Обладая повышенной активностью и будучи очень энергичным и работоспособным, он активно принимается за новое дело и может долго работать не утомляясь. Способен быстро сосредоточится, дисциплинирован, при желании может сдерживать проявление своих чувств и непроизвольные реакции. Ему присущи быстрые движения, гибкость ума, находчивость. быстрый темп речи, быстрое включение в новую работу. Высокая пластичность проявляется в изменчивости чувств, настроений, интересов и стремлений.

Сангвиник легко сходится с новыми людьми, быстро привыкает к новым требованиям и обстановке. Без усилий не только переключается м одной работы на другую, но и переучивается,. овладевая новыми навыками. Как правило он в большей степени откликается на внешние впечатления, чем на субъективные образы и представления о прошлом и будущем, экстраверт.

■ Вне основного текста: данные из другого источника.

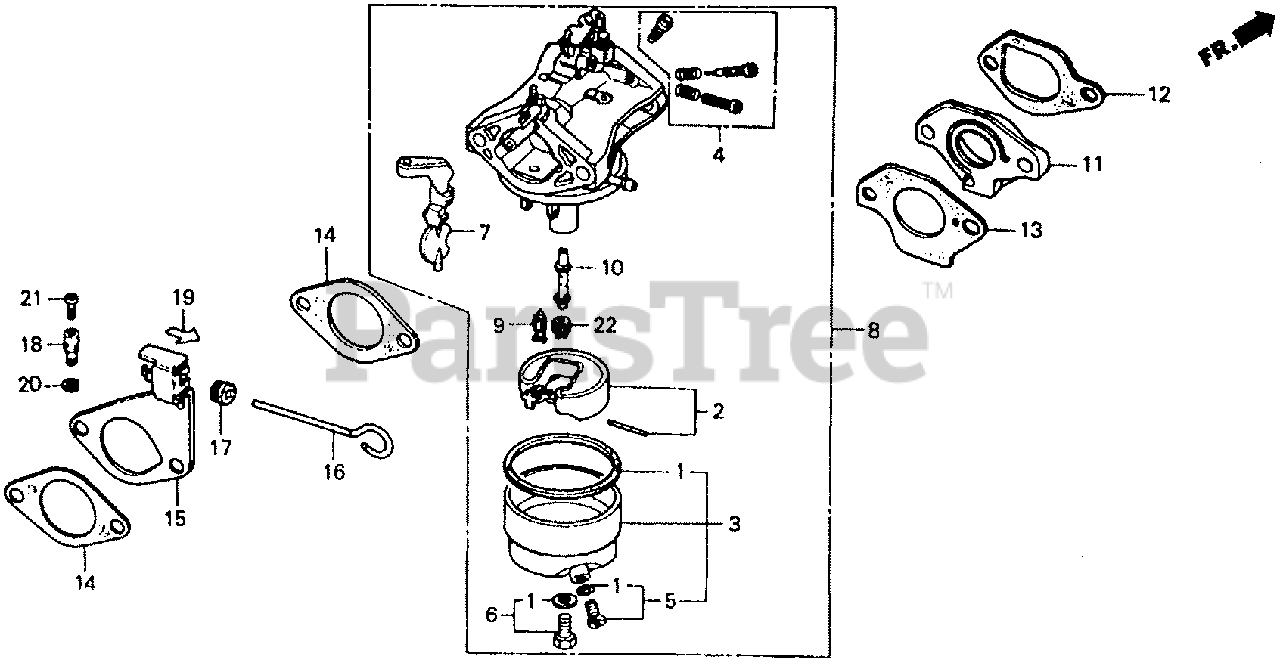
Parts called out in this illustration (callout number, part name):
1	GASKET SET
2	FLOAT SET
3	CHAMBER SET, FLOAT
4	SCREW SET A
5	SCREW SET, DRAIN
6	SCREW SET B
7	CHOKE SET
8	CARBURETOR ASSY. (BB33C D)
9	VALVE, FLOAT
10	NOZZLE, MAIN
11	INSULATOR, CARBURETOR
12	GASKET, INSULATOR
13	GASKET, CARBURETOR
14	GASKET, AIR CLEANER
15	STAY, CHOKE CONTROL
16	ROD, CHOKE CONTROL
17	GROMMET, CHOKE ROD
18	HOLDER, CABLE
19	MARK, CHOKE
20	CIRCLIP (5MM)
21	SCREW, PAN (4X8)
22	JET, MAIN (#75)
22	JET, MAIN (#78)
22	JET, MAIN (#80)
22	JET, MAIN (#82)
22	JET, MAIN (#85)
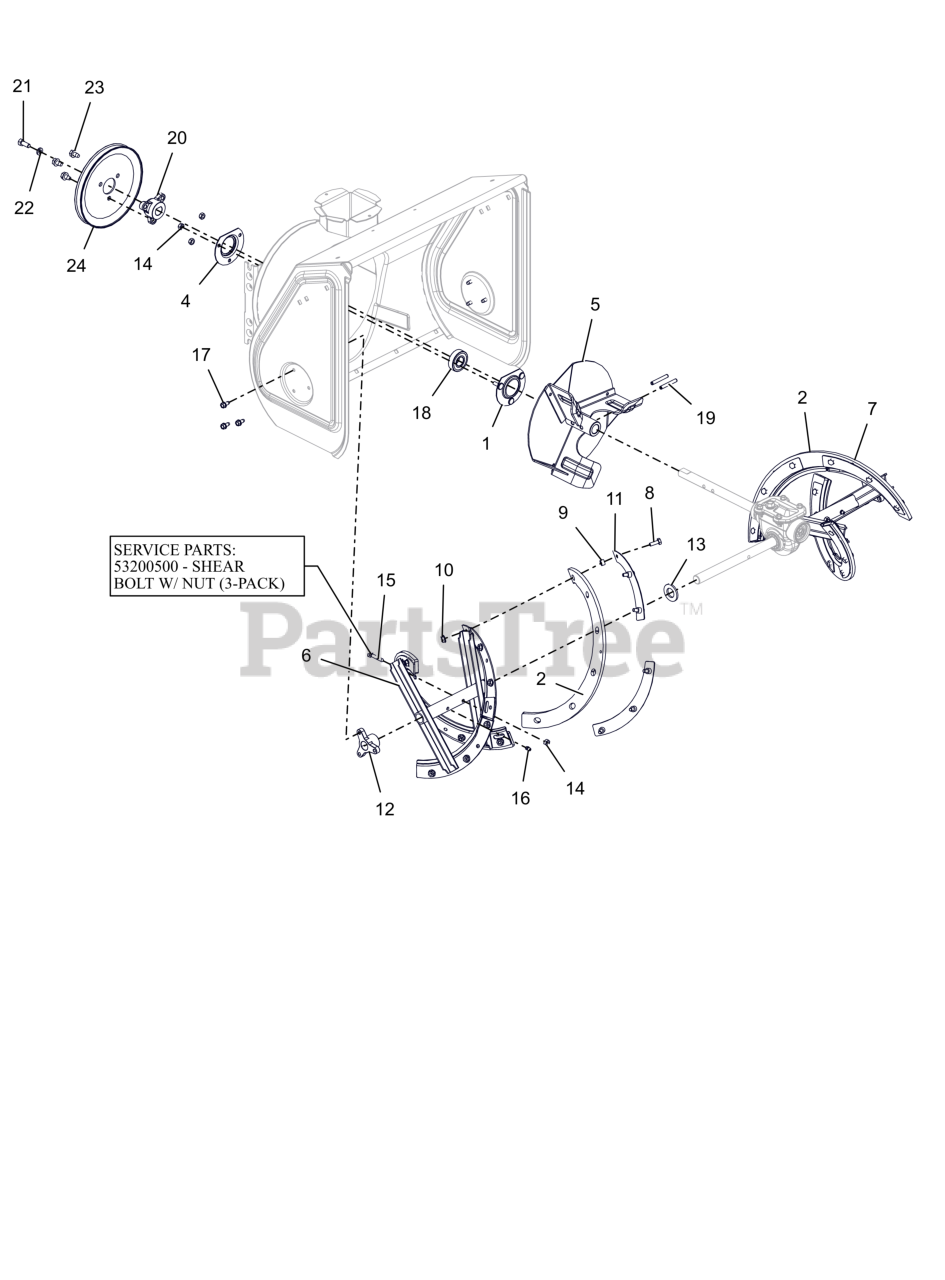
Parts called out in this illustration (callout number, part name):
1	BEARING FLANGE
2	KIT, RUBBER FLIGHTING RAKE
4	BEARING FLANGE
5	IMPELLER, 10" 3-BLADE LG BACK (BLACK)
6	WLDMT, AUGER 20" GROUND - RH (BLACK)
7	WLDMT, AUGER 20" GROUND - LH (BLACK)
8	BLT, HEX .25-20X.75 G5 ZCC
9	BUSHING, .26 ID X .44 OD X .26
10	NUT-LK-CTR-FLG .25-20 ZC120
11	BRACE, RUBBER FLIGHTING (BLACK)
12	BUSHING, RAKE SHAFT .75"
13	WSHR, FLT .812X1.469X.134 ZCC
14	NUT,LK-CTR .25-20 GA ZCC
15	SHEAR BOLT WITH NUT
16	ZERK,FITTING .25X.125 DRIVE IN
17	SCR-TAP .25-20X.50 HWH ZCC
18	BRG-BALL .750X1.750X.50
19	PIN-ROLL .250X1.75
20	PULLEY HUB, BOLT-ON D-BORE .75
21	BLT, HEX .31-24X.750 G5 ZCC
22	WSHR, LK-HVY .312X.097 ZCC
23	SCR,TAP .312-18X.50 HWH TR ZCC
24	PULLEY, V 7.000 X 1.375 3BLT

У сангвиника чувства легко возникают, легко сменяются. Легкость с какой у сангвиника образуются и переделываются новые временные связи, большая подвижность стереотипа, отражается также в умственной подвижности сангвиников, обнаруживают некоторую склонность к неустойчивости.

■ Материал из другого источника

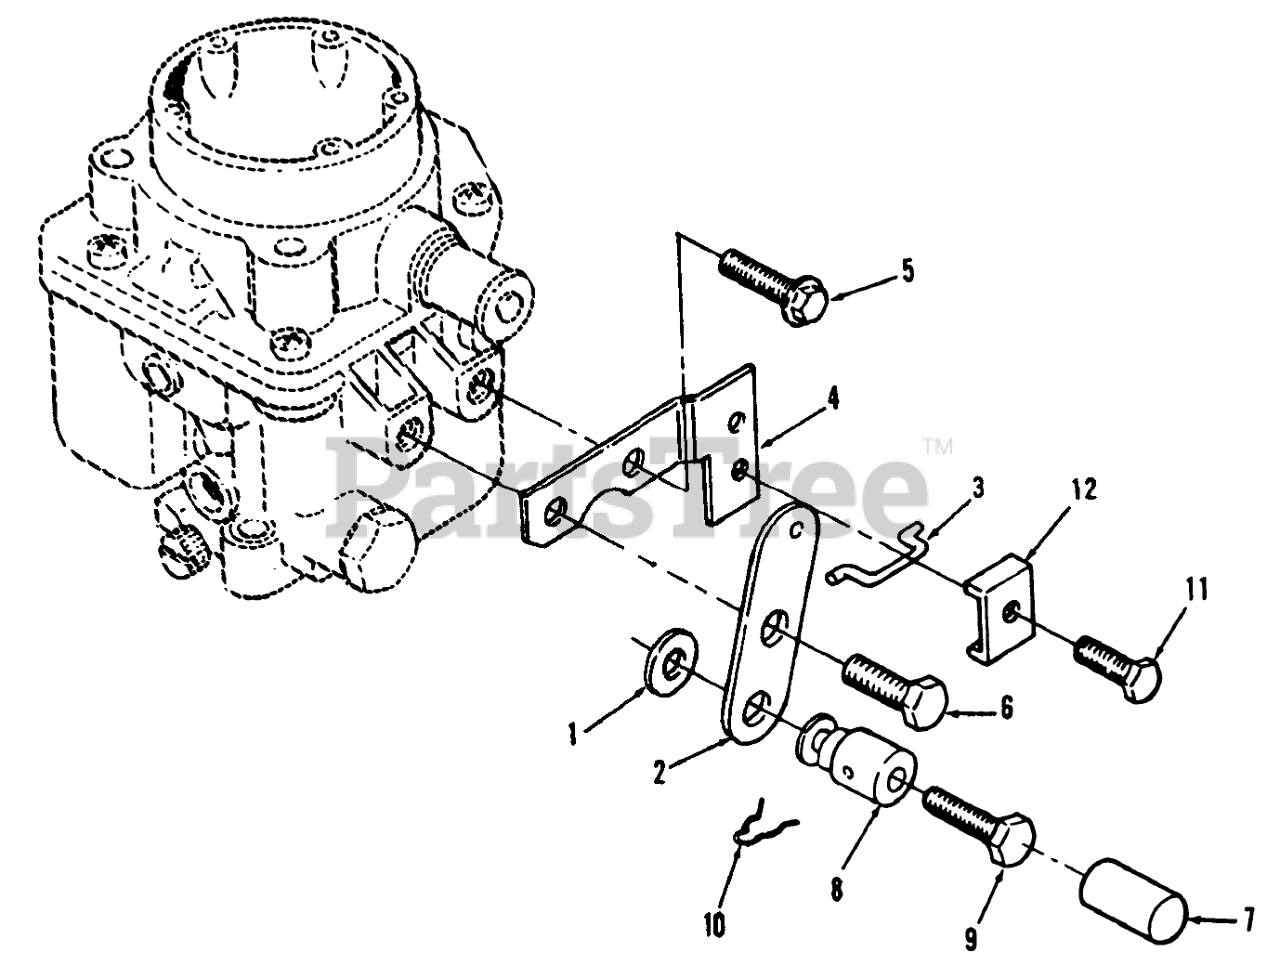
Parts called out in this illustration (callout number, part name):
1	Washer
2	SWIVEL-CHOKE
3	LINK-CHOKE
4	BRACKET
5	Bolt
6	MACHINE SCREW
8	SWIVEL
9	Bolt
10	PIN-COTTER
11	Bolt

ХОЛЕРИК . Как и сангвиник отличается малой чувствительностью, высокой реактивностью и активностью. Но у холерика реактивность явно преобладает над активностью, поэтому он необуздан, несдержан, нетерпелив. Вспыльчив. Он менее пластичен и более инертен. Чем сангвиник. Отсюда - большая устойчивость стремлений и интересов, большая настойчивость, возможны затруднения в переключении внимания, он скорее экстраверт.

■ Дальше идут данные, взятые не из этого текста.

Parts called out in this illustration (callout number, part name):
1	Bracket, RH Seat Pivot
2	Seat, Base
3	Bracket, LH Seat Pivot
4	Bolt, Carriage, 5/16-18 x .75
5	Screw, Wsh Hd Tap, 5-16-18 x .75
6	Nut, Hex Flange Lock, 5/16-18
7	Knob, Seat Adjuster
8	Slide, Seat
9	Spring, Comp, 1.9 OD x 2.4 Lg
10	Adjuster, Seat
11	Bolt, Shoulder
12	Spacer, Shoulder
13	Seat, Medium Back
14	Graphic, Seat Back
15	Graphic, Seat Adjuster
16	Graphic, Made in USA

ФЛЕГМАТИК обладает высокой активностью, значительно преобладающей над малой реактивностью, малой чувствительностью и эмоциональностью. Его трудно рассмешить и опечалить - когда вокруг громко смеются, он может оставаться невозмутимым. При больших неприятностях остается спокойным.

Обычно у него бедная мимика, движения невыразительны и замедлены, так же, как речь. Он ненаходчив, с трудом переключает внимание и приспосабливается к новой обстановке, медленно перестраивает навыки и привычки. При этом он энергичен и работоспособен. Отличается терпеливостью, выдержкой, самообладанием. Как правило, он трудно сходится с новыми людьми, слабо откликается на внешние впечатления, интроверт. недостатком флегматика является его инертность, малоподвижность.

Инертность сказывается и на косности его стереотипов, трудности его перестройки. Однако это качество, инертность, имеет и положительное значение, содействует основательности постоянству личности.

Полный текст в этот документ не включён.